*Task directions*.
What lines of the data hold the string "with"? Copy them all.
Data provided below:
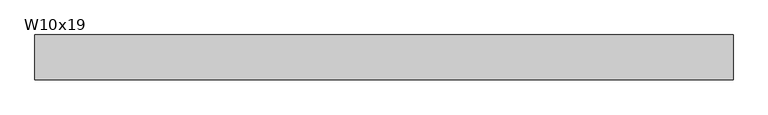
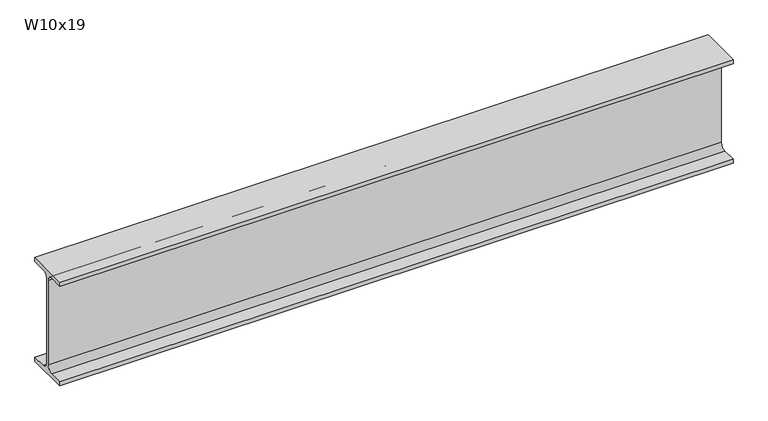
"""IFC4 building model written with IfcOpenShell, lengths in millimetres: beam geometry, RME W-Wide Flange : W10x19."""

from ifc_helpers import new_model, si_unit, point, frame, frame_2d, origin, place, context, project, spatial, polyline, circle_curve, trimmed, segment, composite_curve, outline, extrude, source, transform, mapped, element, save


def w10x19_6aab4d3a(model_context):
    return source(origin(), model_context, "Body", "SweptSolid", [
        extrude(outline(composite_curve([segment(polyline([(51.054, -119.507), (51.054, -129.54), (-51.054, -129.54), (-51.054, -119.507), (-16.9545, -119.507)]), True, "CONTINUOUS"), segment(trimmed(circle_curve(frame_2d((-16.9545, -105.7275)), 13.7795), [point((-16.9545, -119.507))], [point((-3.175, -105.7275))], True, "CARTESIAN"), True, "CONTINUOUS"), segment(polyline([(-3.175, -105.7275), (-3.175, 105.7275)]), True, "CONTINUOUS"), segment(trimmed(circle_curve(frame_2d((-16.9545, 105.7275)), 13.7795), [point((-3.175, 105.7275))], [point((-16.9545, 119.507))], True, "CARTESIAN"), True, "CONTINUOUS"), segment(polyline([(-16.9545, 119.507), (-51.054, 119.507), (-51.054, 129.54), (51.054, 129.54), (51.054, 119.507), (16.9545, 119.507)]), True, "CONTINUOUS"), segment(trimmed(circle_curve(frame_2d((16.9545, 105.7275)), 13.7795), [point((16.9545, 119.507))], [point((3.175, 105.7275))], True, "CARTESIAN"), True, "CONTINUOUS"), segment(polyline([(3.175, 105.7275), (3.175, -105.7275)]), True, "CONTINUOUS"), segment(trimmed(circle_curve(frame_2d((16.9545, -105.7275)), 13.7795), [point((3.175, -105.7275))], [point((16.9545, -119.507))], True, "CARTESIAN"), True, "CONTINUOUS"), segment(polyline([(16.9545, -119.507), (51.054, -119.507)]), True, "CONTINUOUS")], self_intersect=False)), frame((-763.0341711, 0.0, 0.0), z_axis=(1.0, 0.0, 0.0), x_axis=(0.0, 1.0, 0.0)), (0.0, 0.0, 1.0), 1589.8223422),
    ])


if __name__ == "__main__":
    model = new_model("IFC4")
    model_context = context("Model", 3, world=origin())
    ifc_project = project(units=[si_unit("LENGTHUNIT", "METRE", prefix="MILLI")], contexts=[model_context])
    site = spatial("IfcSite", under=ifc_project)
    building = spatial("IfcBuilding", under=site)
    placement = place(None, origin())
    w10x19_shape = w10x19_6aab4d3a(model_context)
    element("IfcBeam", 1, ObjectType="RME W-Wide Flange : W10x19", at=placement, inside=building, context=model_context, shape_type="MappedRepresentation", body=[
        mapped(w10x19_shape, transform((0.0, 0.0, 0.0), x_axis=(1.0, 0.0, 0.0), y_axis=(0.0, 1.0, 0.0), z_axis=(0.0, 0.0, 1.0))),
    ])
    save(model, "model.ifc")

# Revit data of these elements
# Type "RME W-Wide Flange : W10x19"
#   WELD P [instance default] = ""
#   WELD LE [instance default] = ""
#   WELD D [instance default] = ""
#   TOP SECTION SIZE [instance default] = ""
#   TOP SECTION LENGTH [instance default] = ""
#   REMARKS [instance default] = ""
#   REINF TYPE [instance default] = ""
#   Nominal Size = "W24"
#   End Bearing Capacity [instance default] = ""
#   BOT SECTION SIZE [instance default] = ""
#   BOT SECTION LENGTH [instance default] = ""
#   Assembly Code = "B10"
#   W = 19
#   Start Extension Calculation [instance default] = 10' - 0"
#   Start Extension [instance default] = -0' - 0 1/2"
#   End Extension Calculation [instance default] = 10' - 0"
#   End Extension [instance default] = -0' - 0 1/2"
#   Length [instance default] = 5' - 0"
#   bf = 0' - 4.02"
#   d = 0' - 10.2"
#   k = 0' - 0 15/16"
#   k2 = 0' - 0.5425"
#   tf = 0' - 0.395"
#   tw = 0' - 0 1/4"
#   A = 0.0390278 SF
#   Structural Material [instance default] = Metal - Steel - ASTM A992
# Element 1 (IfcBeam, "RME W-Wide Flange : W10x19")
#   Length = 5' - 5.10143"
#   Materials on its faces: "Metal - Steel - ASTM A992"
# Materials
#   "Metal - Steel - ASTM A992": class "Metal", colour RGB 255 128 0, transparency 0
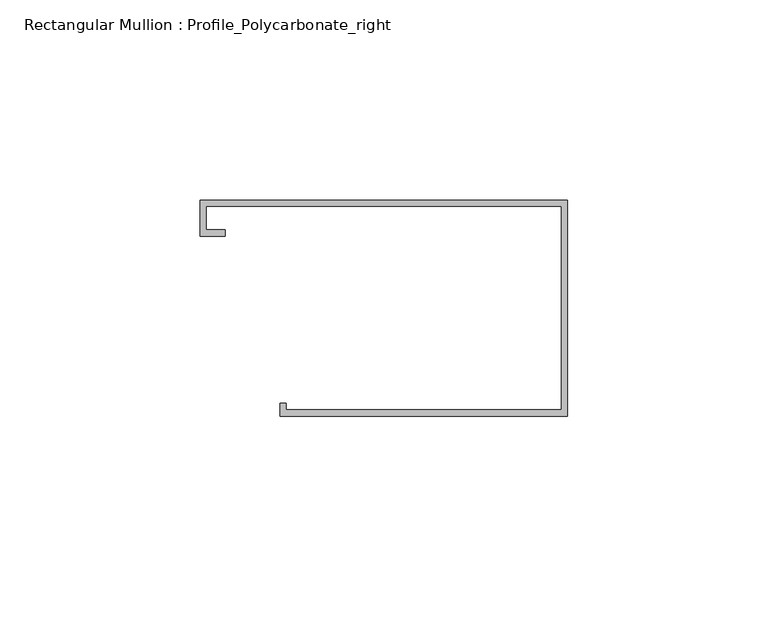
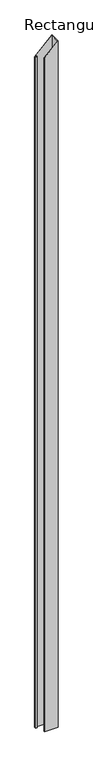
"""IFC4 building model written with IfcOpenShell, lengths in millimetres: member geometry, Rectangular Mullion : Profile_Polycarbonate_right."""

from ifc_helpers import new_model, si_unit, origin, place, context, project, spatial, faceted_brep, source, transform, mapped, element, save


def rectangular_mullion_profile_polycarbonate_right_87805b23(model_context):
    return source(origin(), model_context, "Body", "Brep", [
        faceted_brep([(0.0, 28.984575, -3799.7325811), (0.0, -25.015825, -3799.7325811), (-71.9836, -25.015825, -3799.7325811), (-71.9836, -21.840825, -3799.7325811), (-70.3961, -21.840825, -3799.7325811), (-70.3961, -23.428325, -3799.7325811), (-1.5875, -23.428325, -3799.7325811), (-1.5875, 27.397075, -3799.7325811), (-90.4113, 27.397075, -3799.7325811), (-90.4113, 21.580475, -3799.7325811), (-85.6488, 21.580475, -3799.7325811), (-85.6488, 19.992975, -3799.7325811), (-91.9988, 19.992975, -3799.7325811), (-91.9988, 28.984575, -3799.7325811), (-91.9988, 28.984575, -88.2453421), (0.0, 28.984575, 0.0), (-91.9988, 19.992975, -88.2453421), (-85.6488, 19.992975, -82.1544157), (-85.6488, 21.580475, -82.1544157), (-90.4113, 21.580475, -86.7226105), (-90.4113, 27.397075, -86.7226105), (-1.5875, 27.397075, -1.5227316), (-1.5875, -23.428325, -1.5227316), (-70.3961, -23.428325, -67.5240104), (-70.3961, -21.840825, -67.5240104), (-71.9836, -21.840825, -69.046742), (-71.9836, -25.015825, -69.046742), (0.0, -25.015825, 0.0)], [[[0, 1, 2, 3, 4, 5, 6, 7, 8, 9, 10, 11, 12, 13]], [[14, 15, 0, 13]], [[16, 14, 13, 12]], [[17, 16, 12, 11]], [[18, 17, 11, 10]], [[19, 18, 10, 9]], [[20, 19, 9, 8]], [[21, 20, 8, 7]], [[22, 21, 7, 6]], [[23, 22, 6, 5]], [[24, 23, 5, 4]], [[25, 24, 4, 3]], [[26, 25, 3, 2]], [[27, 26, 2, 1]], [[15, 27, 1, 0]], [[15, 14, 16, 17, 18, 19, 20, 21, 22, 23, 24, 25, 26, 27]]]),
    ])


if __name__ == "__main__":
    model = new_model("IFC4")
    model_context = context("Model", 3, world=origin())
    ifc_project = project(units=[si_unit("LENGTHUNIT", "METRE", prefix="MILLI")], contexts=[model_context])
    site = spatial("IfcSite", under=ifc_project)
    building = spatial("IfcBuilding", under=site)
    placement = place(None, origin())
    rectangular_mullion_profile_polycarbonate_right_shape = rectangular_mullion_profile_polycarbonate_right_87805b23(model_context)
    element("IfcMember", 1, ObjectType="Rectangular Mullion : Profile_Polycarbonate_right", at=placement, inside=building, context=model_context, shape_type="MappedRepresentation", body=[
        mapped(rectangular_mullion_profile_polycarbonate_right_shape, transform((0.0, 0.0, 0.0), x_axis=(1.0, 0.0, 0.0), y_axis=(0.0, 1.0, 0.0), z_axis=(0.0, 0.0, 1.0))),
    ])
    save(model, "model.ifc")

# Revit data of these elements
# Type "Rectangular Mullion : Profile_Polycarbonate_right"
#   built-in parameter 1007322 = 0.177167 (stored number, unit not read)
#   built-in parameter 1007321 = 0 (stored number, unit not read)
#   built-in parameter 1007320 = 0.00520833 (stored number, unit not read)
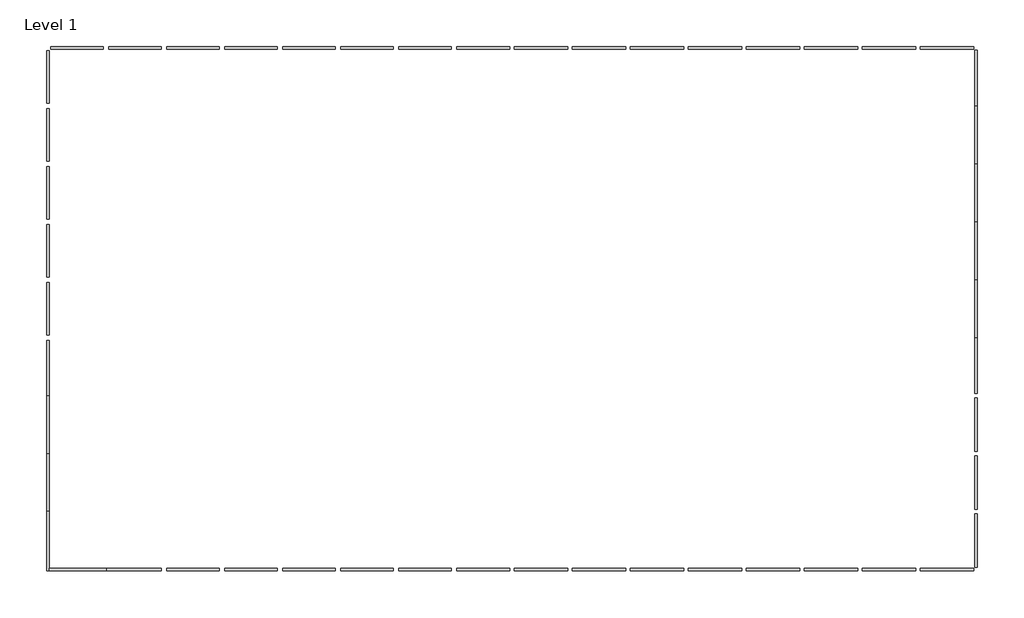
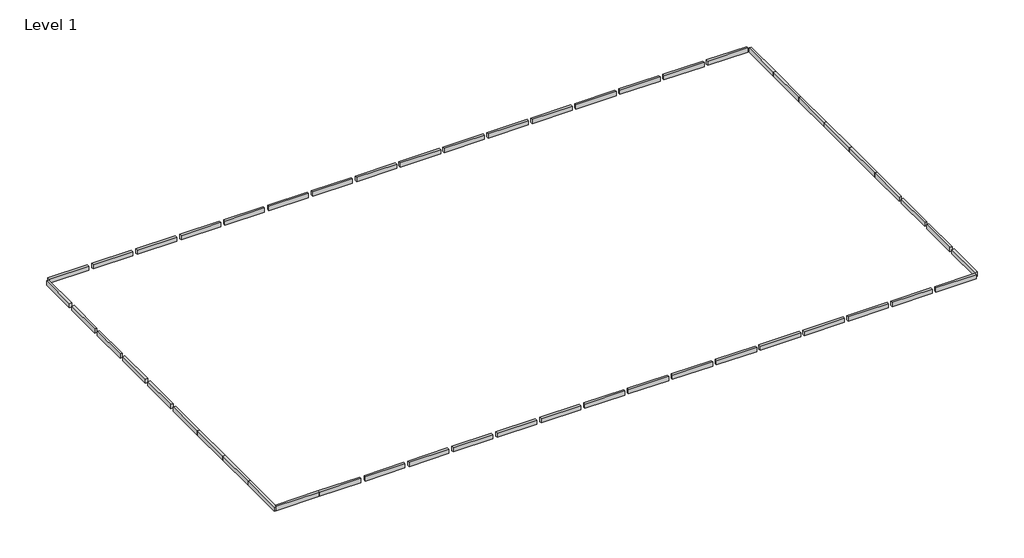
# One storey: 50 beams.
"""IFC4 building model written with IfcOpenShell, lengths in millimetres."""

from ifc_helpers import new_model, si_unit, frame, origin, place, context, project, spatial, polyline, outline, extrude, faceted_brep, element, save

model = new_model("IFC4")

# Units and contexts
model_context = context("Model", 3, world=origin())
ifc_project = project(units=[si_unit("LENGTHUNIT", "METRE", prefix="MILLI")], contexts=[model_context])

# Site, building, storey
site = spatial("IfcSite", under=ifc_project)
building = spatial("IfcBuilding", under=site)
storey = spatial("IfcBuildingStorey", under=building, Name="Level 1", Elevation=0.0)

# Beams
placement = place(None, origin())
element("IfcBeam", 1, ObjectType="BM111_Concrete-Rectangular Beam : BM111_400x600", at=placement, inside=storey, context=model_context, shape_type="SweptSolid", body=[
    extrude(outline(polyline([(96152.4, -6000.0), (95847.6, -6000.0), (95847.6, -250.0), (96152.4, -250.0), (96152.4, -6000.0)])), frame((0.0, 0.0, -609.6), z_axis=(0.0, 0.0, 1.0), x_axis=(1.0, 0.0, 0.0)), (0.0, 0.0, 1.0), 609.6),
])
element("IfcBeam", 2, ObjectType="BM111_Concrete-Rectangular Beam : BM111_400x600", at=placement, inside=storey, context=model_context, shape_type="SweptSolid", body=[
    extrude(outline(polyline([(-152.4, -300.0), (152.4, -300.0), (152.4, -5700.0), (-152.4, -5700.0), (-152.4, -300.0)])), frame((0.0, 0.0, -609.6), z_axis=(0.0, 0.0, 1.0), x_axis=(1.0, 0.0, 0.0)), (0.0, 0.0, 1.0), 609.6),
])
element("IfcBeam", 3, ObjectType="BM111_Concrete-Rectangular Beam : BM111_400x600", at=placement, inside=storey, context=model_context, shape_type="SweptSolid", body=[
    extrude(outline(polyline([(96152.4, -12000.0), (95847.6, -12000.0), (95847.6, -6000.0), (96152.4, -6000.0), (96152.4, -12000.0)])), frame((0.0, 0.0, -609.6), z_axis=(0.0, 0.0, 1.0), x_axis=(1.0, 0.0, 0.0)), (0.0, 0.0, 1.0), 609.6),
])
element("IfcBeam", 4, ObjectType="BM111_Concrete-Rectangular Beam : BM111_400x600", at=placement, inside=storey, context=model_context, shape_type="SweptSolid", body=[
    extrude(outline(polyline([(152.4, -11700.0), (-152.4, -11700.0), (-152.4, -6300.0), (152.4, -6300.0), (152.4, -11700.0)])), frame((0.0, 0.0, -609.6), z_axis=(0.0, 0.0, 1.0), x_axis=(1.0, 0.0, 0.0)), (0.0, 0.0, 1.0), 609.6),
])
element("IfcBeam", 5, ObjectType="BM111_Concrete-Rectangular Beam : BM111_400x600", at=placement, inside=storey, context=model_context, shape_type="SweptSolid", body=[
    extrude(outline(polyline([(96152.4, -18000.0), (95847.6, -18000.0), (95847.6, -12000.0), (96152.4, -12000.0), (96152.4, -18000.0)])), frame((0.0, 0.0, -609.6), z_axis=(0.0, 0.0, 1.0), x_axis=(1.0, 0.0, 0.0)), (0.0, 0.0, 1.0), 609.6),
])
element("IfcBeam", 6, ObjectType="BM111_Concrete-Rectangular Beam : BM111_400x600", at=placement, inside=storey, context=model_context, shape_type="SweptSolid", body=[
    extrude(outline(polyline([(152.4, -17700.0), (-152.4, -17700.0), (-152.4, -12300.0), (152.4, -12300.0), (152.4, -17700.0)])), frame((0.0, 0.0, -609.6), z_axis=(0.0, 0.0, 1.0), x_axis=(1.0, 0.0, 0.0)), (0.0, 0.0, 1.0), 609.6),
])
element("IfcBeam", 7, ObjectType="BM111_Concrete-Rectangular Beam : BM111_400x600", at=placement, inside=storey, context=model_context, shape_type="SweptSolid", body=[
    extrude(outline(polyline([(96152.4, -24000.0), (95847.6, -24000.0), (95847.6, -18000.0), (96152.4, -18000.0), (96152.4, -24000.0)])), frame((0.0, 0.0, -609.6), z_axis=(0.0, 0.0, 1.0), x_axis=(1.0, 0.0, 0.0)), (0.0, 0.0, 1.0), 609.6),
])
element("IfcBeam", 8, ObjectType="BM111_Concrete-Rectangular Beam : BM111_400x600", at=placement, inside=storey, context=model_context, shape_type="SweptSolid", body=[
    extrude(outline(polyline([(152.4, -23700.0), (-152.4, -23700.0), (-152.4, -18300.0), (152.4, -18300.0), (152.4, -23700.0)])), frame((0.0, 0.0, -609.6), z_axis=(0.0, 0.0, 1.0), x_axis=(1.0, 0.0, 0.0)), (0.0, 0.0, 1.0), 609.6),
])
element("IfcBeam", 9, ObjectType="BM111_Concrete-Rectangular Beam : BM111_400x600", at=placement, inside=storey, context=model_context, shape_type="SweptSolid", body=[
    extrude(outline(polyline([(96152.4, -30000.0), (95847.6, -30000.0), (95847.6, -24000.0), (96152.4, -24000.0), (96152.4, -30000.0)])), frame((0.0, 0.0, -609.6), z_axis=(0.0, 0.0, 1.0), x_axis=(1.0, 0.0, 0.0)), (0.0, 0.0, 1.0), 609.6),
])
element("IfcBeam", 10, ObjectType="BM111_Concrete-Rectangular Beam : BM111_400x600", at=placement, inside=storey, context=model_context, shape_type="SweptSolid", body=[
    extrude(outline(polyline([(-152.4, -24300.0), (152.4, -24300.0), (152.4, -29700.0), (-152.4, -29700.0), (-152.4, -24300.0)])), frame((0.0, 0.0, -609.6), z_axis=(0.0, 0.0, 1.0), x_axis=(1.0, 0.0, 0.0)), (0.0, 0.0, 1.0), 609.6),
])
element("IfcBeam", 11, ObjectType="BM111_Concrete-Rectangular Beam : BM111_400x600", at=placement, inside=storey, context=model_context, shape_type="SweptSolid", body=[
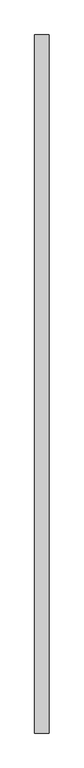
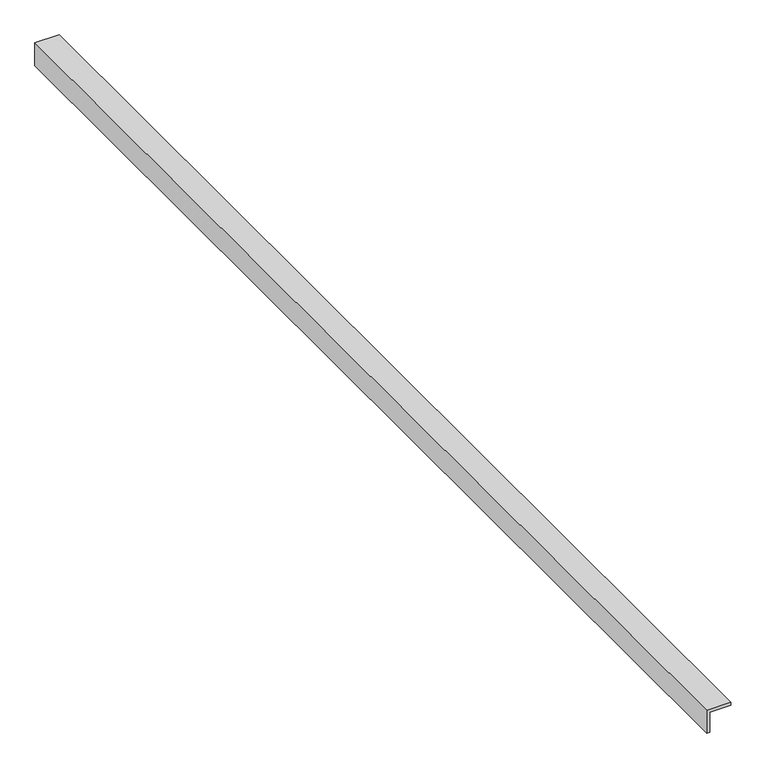
"""IFC4 building model written with IfcOpenShell, lengths in millimetres: proxy geometry, Generic Models 3:Generic Models 2:312240:Generic Models 2:312240 : Generic Models 3:Generic Models 2:312240:6 : Generic Models 3:Generic Models 2:312240:Generic Models 2:312240 : Generic Models 3:Generic Models 2:312240:300533."""

from ifc_helpers import new_model, si_unit, frame, origin, place, context, project, spatial, polyline, outline, extrude, source, transform, mapped, element, save


def generic_models_3ae80ee4(model_context):
    return source(origin(), model_context, "Body", "SweptSolid", [
        extrude(outline(polyline([(-28.575, 667585.4117239), (-79.375, 667585.4117239), (-79.375, 667591.7617239), (-34.925, 667591.7617239), (-34.925, 667636.2117239), (-28.575, 667636.2117239), (-28.575, 667585.4117239)])), frame((0.0, -568496.2038841, 0.0), z_axis=(0.0, 1.0, 0.0), x_axis=(0.0, 0.0, 1.0)), (0.0, 0.0, 1.0), 2438.4),
    ])


if __name__ == "__main__":
    model = new_model("IFC4")
    model_context = context("Model", 3, world=origin())
    ifc_project = project(units=[si_unit("LENGTHUNIT", "METRE", prefix="MILLI")], contexts=[model_context])
    site = spatial("IfcSite", under=ifc_project)
    building = spatial("IfcBuilding", under=site)
    placement = place(None, origin())
    generic_models_shape = generic_models_3ae80ee4(model_context)
    element("IfcBuildingElementProxy", 1, Name="Generic Models 3:Generic Models 2:312240:Generic Models 2:312240 : Generic Models 3:Generic Models 2:312240:6 : Generic Models 3:Generic Models 2:312240:Generic Models 2:312240 : Generic Models 3:Generic Models 2:312240:300533", ObjectType="Generic Models 3:Generic Models 2:312240:Generic Models 2:312240 : Generic Models 3:Generic Models 2:312240:6 : Generic Models 3:Generic Models 2:312240:Generic Models 2:312240 : Generic Models 3:Generic Models 2:312240:300533", at=placement, inside=building, context=model_context, shape_type="MappedRepresentation", body=[
        mapped(generic_models_shape, transform((0.0, 0.0, 0.0), x_axis=(1.0, 0.0, 0.0), y_axis=(0.0, 1.0, 0.0), z_axis=(0.0, 0.0, 1.0))),
    ])
    save(model, "model.ifc")

# Revit data of these elements
# Type "Generic Models 3:Generic Models 2:312240:Generic Models 2:312240 : Generic Models 3:Generic Models 2:312240:6 : Generic Models 3:Generic Models 2:312240:Generic Models 2:312240 : Generic Models 3:Generic Models 2:312240:300533"
#   NameOverride = "Generic Models 3:Generic Models 2:312240:Generic Models 2:312240 : Generic Models 3:Generic Models 2:312240:300533"
#   ObjectTypeOverride = "Generic Models 2:312240 : Generic Models 3:Generic Models 2:312240"
#   Reference = "Generic Models 2"
#   Tag = "300533"
# Element 1 (IfcBuildingElementProxy, "Generic Models 3:Generic Models 2:312240:Generic Models 2:312240 : Generic Models 3:Generic Models 2:312240:6 : Generic Models 3:Generic Models 2:312240:Generic Models 2:312240 : Generic Models 3:Generic Models 2:312240:300533")
#   Materials on its faces: "GALVANIZED STEEL ANGLE (L2x2x1/4) - 1/4\" HILTI KWIK HUS-EZ W/ MIN EMBED=2-1/2\" @ 24\""
# Materials
#   "GALVANIZED STEEL ANGLE (L2x2x1/4) - 1/4\" HILTI KWIK HUS-EZ W/ MIN EMBED=2-1/2\" @ 24\"": class "Unassigned", colour RGB 210 209 208, transparency 0, Keynote = "M05121300.02", Cost = 0
End of Data provided.
*Exercise response*.
"""IFC4 building model written with IfcOpenShell, lengths in millimetres: beam geometry, RME W-Wide Flange : W10x19."""
"""IFC4 building model written with IfcOpenShell, lengths in millimetres: member geometry, Rectangular Mullion : Profile_Polycarbonate_right."""
"""IFC4 building model written with IfcOpenShell, lengths in millimetres."""
"""IFC4 building model written with IfcOpenShell, lengths in millimetres: proxy geometry, Generic Models 3:Generic Models 2:312240:Generic Models 2:312240 : Generic Models 3:Generic Models 2:312240:6 : Generic Models 3:Generic Models 2:312240:Generic Models 2:312240 : Generic Models 3:Generic Models 2:312240:300533."""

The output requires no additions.